ENTRIES SHOWN.

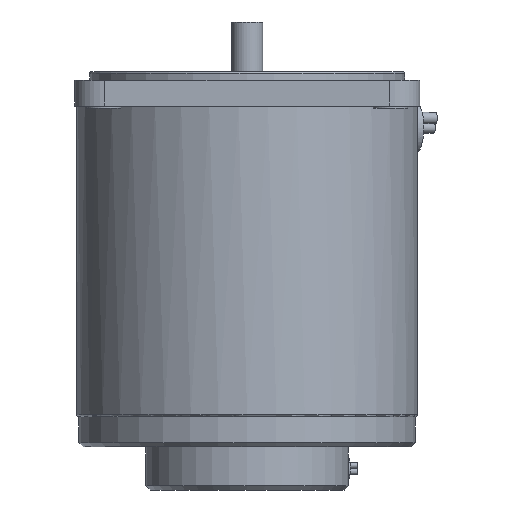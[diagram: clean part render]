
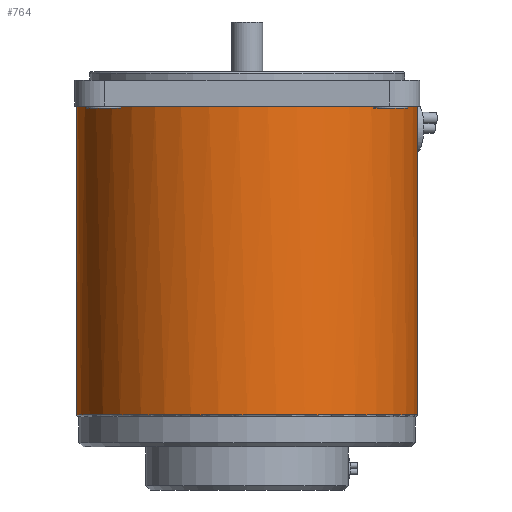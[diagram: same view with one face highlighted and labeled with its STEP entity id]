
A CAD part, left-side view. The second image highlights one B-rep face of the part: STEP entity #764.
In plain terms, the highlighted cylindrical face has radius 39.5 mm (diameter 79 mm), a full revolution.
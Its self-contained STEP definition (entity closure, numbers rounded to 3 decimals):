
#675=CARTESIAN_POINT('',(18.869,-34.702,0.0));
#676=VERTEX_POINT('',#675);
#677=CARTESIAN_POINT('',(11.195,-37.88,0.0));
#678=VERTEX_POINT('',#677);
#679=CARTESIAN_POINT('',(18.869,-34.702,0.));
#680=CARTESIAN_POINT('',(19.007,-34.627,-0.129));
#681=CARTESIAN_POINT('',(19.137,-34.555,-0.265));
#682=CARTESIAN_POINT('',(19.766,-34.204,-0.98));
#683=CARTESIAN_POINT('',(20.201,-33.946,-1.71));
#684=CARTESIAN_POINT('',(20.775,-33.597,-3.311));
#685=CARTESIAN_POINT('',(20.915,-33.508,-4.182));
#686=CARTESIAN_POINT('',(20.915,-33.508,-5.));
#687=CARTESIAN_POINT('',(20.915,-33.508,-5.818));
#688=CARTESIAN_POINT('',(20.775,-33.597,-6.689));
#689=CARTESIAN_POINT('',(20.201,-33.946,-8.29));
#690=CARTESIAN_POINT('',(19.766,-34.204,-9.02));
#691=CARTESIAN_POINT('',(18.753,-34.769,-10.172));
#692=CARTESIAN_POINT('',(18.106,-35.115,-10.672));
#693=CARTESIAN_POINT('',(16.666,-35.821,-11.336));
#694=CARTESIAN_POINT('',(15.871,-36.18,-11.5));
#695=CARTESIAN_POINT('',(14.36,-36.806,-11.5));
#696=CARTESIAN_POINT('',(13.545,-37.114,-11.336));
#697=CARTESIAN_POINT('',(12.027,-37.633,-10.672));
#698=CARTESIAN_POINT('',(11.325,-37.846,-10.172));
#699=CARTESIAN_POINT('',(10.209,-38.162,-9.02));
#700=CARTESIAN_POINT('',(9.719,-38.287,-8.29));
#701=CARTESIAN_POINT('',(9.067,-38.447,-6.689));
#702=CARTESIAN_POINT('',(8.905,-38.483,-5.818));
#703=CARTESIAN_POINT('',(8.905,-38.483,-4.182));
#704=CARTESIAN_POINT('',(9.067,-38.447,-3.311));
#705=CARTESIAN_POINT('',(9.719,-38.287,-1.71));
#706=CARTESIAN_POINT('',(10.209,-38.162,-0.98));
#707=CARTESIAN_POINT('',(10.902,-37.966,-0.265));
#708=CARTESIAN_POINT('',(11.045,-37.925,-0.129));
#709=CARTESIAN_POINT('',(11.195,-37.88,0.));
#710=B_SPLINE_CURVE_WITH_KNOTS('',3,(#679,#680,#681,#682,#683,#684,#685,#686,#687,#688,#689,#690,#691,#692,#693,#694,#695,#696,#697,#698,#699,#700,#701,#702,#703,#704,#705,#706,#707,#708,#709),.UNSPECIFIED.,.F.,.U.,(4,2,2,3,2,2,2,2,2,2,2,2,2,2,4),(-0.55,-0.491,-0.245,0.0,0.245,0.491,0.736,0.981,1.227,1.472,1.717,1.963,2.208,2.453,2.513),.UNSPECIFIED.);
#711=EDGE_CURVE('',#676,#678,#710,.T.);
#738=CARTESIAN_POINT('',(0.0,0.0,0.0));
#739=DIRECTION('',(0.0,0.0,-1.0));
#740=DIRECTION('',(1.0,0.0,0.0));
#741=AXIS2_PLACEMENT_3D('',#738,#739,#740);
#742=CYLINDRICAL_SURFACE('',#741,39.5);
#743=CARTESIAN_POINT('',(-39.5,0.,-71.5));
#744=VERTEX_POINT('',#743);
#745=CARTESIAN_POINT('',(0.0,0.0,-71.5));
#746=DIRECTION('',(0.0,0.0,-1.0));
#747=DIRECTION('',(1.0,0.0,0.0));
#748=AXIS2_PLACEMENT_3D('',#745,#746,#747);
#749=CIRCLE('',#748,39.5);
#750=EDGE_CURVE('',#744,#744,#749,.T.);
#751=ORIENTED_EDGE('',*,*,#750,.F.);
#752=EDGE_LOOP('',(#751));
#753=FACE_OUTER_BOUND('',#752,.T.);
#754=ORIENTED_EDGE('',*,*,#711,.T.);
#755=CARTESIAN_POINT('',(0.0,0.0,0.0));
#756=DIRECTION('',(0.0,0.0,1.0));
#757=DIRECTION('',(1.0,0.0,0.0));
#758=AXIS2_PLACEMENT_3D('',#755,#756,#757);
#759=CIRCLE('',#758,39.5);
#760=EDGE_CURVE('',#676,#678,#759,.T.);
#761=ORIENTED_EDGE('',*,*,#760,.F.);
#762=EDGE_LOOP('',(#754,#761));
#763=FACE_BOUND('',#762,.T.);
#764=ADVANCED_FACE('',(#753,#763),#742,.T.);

EXERCISE REQUIREMENTS.
When you reach an image, pass over it, and retype all other material exactly.

SOLUTION.
[diagram: clean part render]
[diagram: same view with one face highlighted and labeled with its STEP entity id]
A CAD part, left-side view. The second image highlights one B-rep face of the part: STEP entity #764.
In plain terms, the highlighted cylindrical face has radius 39.5 mm (diameter 79 mm), a full revolution.
Its self-contained STEP definition (entity closure, numbers rounded to 3 decimals):
#675=CARTESIAN_POINT('',(18.869,-34.702,0.0));
#676=VERTEX_POINT('',#675);
#677=CARTESIAN_POINT('',(11.195,-37.88,0.0));
#678=VERTEX_POINT('',#677);
#679=CARTESIAN_POINT('',(18.869,-34.702,0.));
#680=CARTESIAN_POINT('',(19.007,-34.627,-0.129));
#681=CARTESIAN_POINT('',(19.137,-34.555,-0.265));
#682=CARTESIAN_POINT('',(19.766,-34.204,-0.98));
#683=CARTESIAN_POINT('',(20.201,-33.946,-1.71));
#684=CARTESIAN_POINT('',(20.775,-33.597,-3.311));
#685=CARTESIAN_POINT('',(20.915,-33.508,-4.182));
#686=CARTESIAN_POINT('',(20.915,-33.508,-5.));
#687=CARTESIAN_POINT('',(20.915,-33.508,-5.818));
#688=CARTESIAN_POINT('',(20.775,-33.597,-6.689));
#689=CARTESIAN_POINT('',(20.201,-33.946,-8.29));
#690=CARTESIAN_POINT('',(19.766,-34.204,-9.02));
#691=CARTESIAN_POINT('',(18.753,-34.769,-10.172));
#692=CARTESIAN_POINT('',(18.106,-35.115,-10.672));
#693=CARTESIAN_POINT('',(16.666,-35.821,-11.336));
#694=CARTESIAN_POINT('',(15.871,-36.18,-11.5));
#695=CARTESIAN_POINT('',(14.36,-36.806,-11.5));
#696=CARTESIAN_POINT('',(13.545,-37.114,-11.336));
#697=CARTESIAN_POINT('',(12.027,-37.633,-10.672));
#698=CARTESIAN_POINT('',(11.325,-37.846,-10.172));
#699=CARTESIAN_POINT('',(10.209,-38.162,-9.02));
#700=CARTESIAN_POINT('',(9.719,-38.287,-8.29));
#701=CARTESIAN_POINT('',(9.067,-38.447,-6.689));
#702=CARTESIAN_POINT('',(8.905,-38.483,-5.818));
#703=CARTESIAN_POINT('',(8.905,-38.483,-4.182));
#704=CARTESIAN_POINT('',(9.067,-38.447,-3.311));
#705=CARTESIAN_POINT('',(9.719,-38.287,-1.71));
#706=CARTESIAN_POINT('',(10.209,-38.162,-0.98));
#707=CARTESIAN_POINT('',(10.902,-37.966,-0.265));
#708=CARTESIAN_POINT('',(11.045,-37.925,-0.129));
#709=CARTESIAN_POINT('',(11.195,-37.88,0.));
#710=B_SPLINE_CURVE_WITH_KNOTS('',3,(#679,#680,#681,#682,#683,#684,#685,#686,#687,#688,#689,#690,#691,#692,#693,#694,#695,#696,#697,#698,#699,#700,#701,#702,#703,#704,#705,#706,#707,#708,#709),.UNSPECIFIED.,.F.,.U.,(4,2,2,3,2,2,2,2,2,2,2,2,2,2,4),(-0.55,-0.491,-0.245,0.0,0.245,0.491,0.736,0.981,1.227,1.472,1.717,1.963,2.208,2.453,2.513),.UNSPECIFIED.);
#711=EDGE_CURVE('',#676,#678,#710,.T.);
#738=CARTESIAN_POINT('',(0.0,0.0,0.0));
#739=DIRECTION('',(0.0,0.0,-1.0));
#740=DIRECTION('',(1.0,0.0,0.0));
#741=AXIS2_PLACEMENT_3D('',#738,#739,#740);
#742=CYLINDRICAL_SURFACE('',#741,39.5);
#743=CARTESIAN_POINT('',(-39.5,0.,-71.5));
#744=VERTEX_POINT('',#743);
#745=CARTESIAN_POINT('',(0.0,0.0,-71.5));
#746=DIRECTION('',(0.0,0.0,-1.0));
#747=DIRECTION('',(1.0,0.0,0.0));
#748=AXIS2_PLACEMENT_3D('',#745,#746,#747);
#749=CIRCLE('',#748,39.5);
#750=EDGE_CURVE('',#744,#744,#749,.T.);
#751=ORIENTED_EDGE('',*,*,#750,.F.);
#752=EDGE_LOOP('',(#751));
#753=FACE_OUTER_BOUND('',#752,.T.);
#754=ORIENTED_EDGE('',*,*,#711,.T.);
#755=CARTESIAN_POINT('',(0.0,0.0,0.0));
#756=DIRECTION('',(0.0,0.0,1.0));
#757=DIRECTION('',(1.0,0.0,0.0));
#758=AXIS2_PLACEMENT_3D('',#755,#756,#757);
#759=CIRCLE('',#758,39.5);
#760=EDGE_CURVE('',#676,#678,#759,.T.);
#761=ORIENTED_EDGE('',*,*,#760,.F.);
#762=EDGE_LOOP('',(#754,#761));
#763=FACE_BOUND('',#762,.T.);
#764=ADVANCED_FACE('',(#753,#763),#742,.T.);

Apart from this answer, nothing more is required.